Data to examine: Begin

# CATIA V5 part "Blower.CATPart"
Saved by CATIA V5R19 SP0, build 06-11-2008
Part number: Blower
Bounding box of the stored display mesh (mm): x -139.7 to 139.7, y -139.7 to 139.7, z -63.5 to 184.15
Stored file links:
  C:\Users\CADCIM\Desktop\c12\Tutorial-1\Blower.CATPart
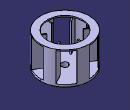
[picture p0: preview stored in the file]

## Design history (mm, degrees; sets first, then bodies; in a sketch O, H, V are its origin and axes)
Body1 (main body)
  Sketch1 on xy-plane, origin (0, 0, 0), H (1, 0, 0), V (0, 1, 0)
    circle A1 centre (0, 0) radius 139.7
    point P1 (0, 0)
    radius A1 = 139.7
    coincidence: P1 H, P1 O
  Pad1: profile Sketch1, direction (0, 0, 1), length 12.7
  Sketch2 on face of Pad1, origin (0, 0, 12.7), H (1, 0, 0), V (0, 1, 0)
    line L1 (0, 139.7) -> (0, 76.708)
    point P1 (0, 139.7)
    projected arc E1 centre (0, 0) radius 139.7 from (57.581, 127.2812) to (0, 139.7) ccw from edge of Pad1
    line L2 (6.35, 135.7416) -> (6.35, 76.708)
    arc A1 centre (0, 0) radius 135.89 from (55.7565, 123.9246) to (6.35, 135.7416) ccw
    line L3 (0, 76.708) -> (6.35, 76.708)
    line L4 (55.7565, 123.9246) -> (57.581, 127.2812)
    point P4 (55.7565, 123.9246)
    point P6 (6.35, 135.7416)
    length L1 = 62.992
    distance L1 L2 = 6.35
    distance E1 A1 = 3.81
    distance P6 P4 = 50.8
    coincidence: P1 V
    vertical: L1 V
    concentricity: E1 A1
    horizontal: L3 H
  Pad2: profile Sketch2, direction (0, 0, 1), length 165.1
  CircPattern1: of Pad2, instances 6, angular step 60, axis from edge of Sketch6
  Sketch3 on face of Pad1, origin (0, 0, 0), H (1, 0, 0), V (0, -1, 0)
    circle A1 centre (0, 0) radius 38.1
    radius A1 = 38.1
  Pad3: profile Sketch3, direction (0, 0, -1), length 63.5
  Sketch4 on face of Pad2, origin (0, 0, 177.8), H (1, 0, 0), V (0, 1, 0)
    circle A1 centre (0, 0) radius 139.7
    radius A1 = 139.7
  Pad4: profile Sketch4, direction (0, 0, 1), length 6.35
  Sketch5 on face of Pad4, origin (0, 0, 184.15), H (1, 0, 0), V (0, 1, 0)
    circle A1 centre (0, 0) radius 101.6
    circle A2 centre (0, 0) radius 19.05
    radius A2 = 19.05
    radius A1 = 101.6
  MultiPocket1: profile Sketch5, domains (length 381; length 6.35)
  Sketch6 on yz-plane, origin (0, 0, 0), H (0, 1, 0), V (0, 0, 1)
    line L1 (0, 3.7002) -> (0, 148.5199)
    point P1 (0, 3.7002)
    coincidence: P1 V
    vertical: L1 V

Data to examine: End

Your copy should hold all the data word for word. It should hold no pictures.

* _Written solution_
# CATIA V5 part "Blower.CATPart"
Saved by CATIA V5R19 SP0, build 06-11-2008
Part number: Blower
Bounding box of the stored display mesh (mm): x -139.7 to 139.7, y -139.7 to 139.7, z -63.5 to 184.15
Stored file links:
  C:\Users\CADCIM\Desktop\c12\Tutorial-1\Blower.CATPart
[picture p0: preview stored in the file]

## Design history (mm, degrees; sets first, then bodies; in a sketch O, H, V are its origin and axes)
Body1 (main body)
  Sketch1 on xy-plane, origin (0, 0, 0), H (1, 0, 0), V (0, 1, 0)
    circle A1 centre (0, 0) radius 139.7
    point P1 (0, 0)
    radius A1 = 139.7
    coincidence: P1 H, P1 O
  Pad1: profile Sketch1, direction (0, 0, 1), length 12.7
  Sketch2 on face of Pad1, origin (0, 0, 12.7), H (1, 0, 0), V (0, 1, 0)
    line L1 (0, 139.7) -> (0, 76.708)
    point P1 (0, 139.7)
    projected arc E1 centre (0, 0) radius 139.7 from (57.581, 127.2812) to (0, 139.7) ccw from edge of Pad1
    line L2 (6.35, 135.7416) -> (6.35, 76.708)
    arc A1 centre (0, 0) radius 135.89 from (55.7565, 123.9246) to (6.35, 135.7416) ccw
    line L3 (0, 76.708) -> (6.35, 76.708)
    line L4 (55.7565, 123.9246) -> (57.581, 127.2812)
    point P4 (55.7565, 123.9246)
    point P6 (6.35, 135.7416)
    length L1 = 62.992
    distance L1 L2 = 6.35
    distance E1 A1 = 3.81
    distance P6 P4 = 50.8
    coincidence: P1 V
    vertical: L1 V
    concentricity: E1 A1
    horizontal: L3 H
  Pad2: profile Sketch2, direction (0, 0, 1), length 165.1
  CircPattern1: of Pad2, instances 6, angular step 60, axis from edge of Sketch6
  Sketch3 on face of Pad1, origin (0, 0, 0), H (1, 0, 0), V (0, -1, 0)
    circle A1 centre (0, 0) radius 38.1
    radius A1 = 38.1
  Pad3: profile Sketch3, direction (0, 0, -1), length 63.5
  Sketch4 on face of Pad2, origin (0, 0, 177.8), H (1, 0, 0), V (0, 1, 0)
    circle A1 centre (0, 0) radius 139.7
    radius A1 = 139.7
  Pad4: profile Sketch4, direction (0, 0, 1), length 6.35
  Sketch5 on face of Pad4, origin (0, 0, 184.15), H (1, 0, 0), V (0, 1, 0)
    circle A1 centre (0, 0) radius 101.6
    circle A2 centre (0, 0) radius 19.05
    radius A2 = 19.05
    radius A1 = 101.6
  MultiPocket1: profile Sketch5, domains (length 381; length 6.35)
  Sketch6 on yz-plane, origin (0, 0, 0), H (0, 1, 0), V (0, 0, 1)
    line L1 (0, 3.7002) -> (0, 148.5199)
    point P1 (0, 3.7002)
    coincidence: P1 V
    vertical: L1 V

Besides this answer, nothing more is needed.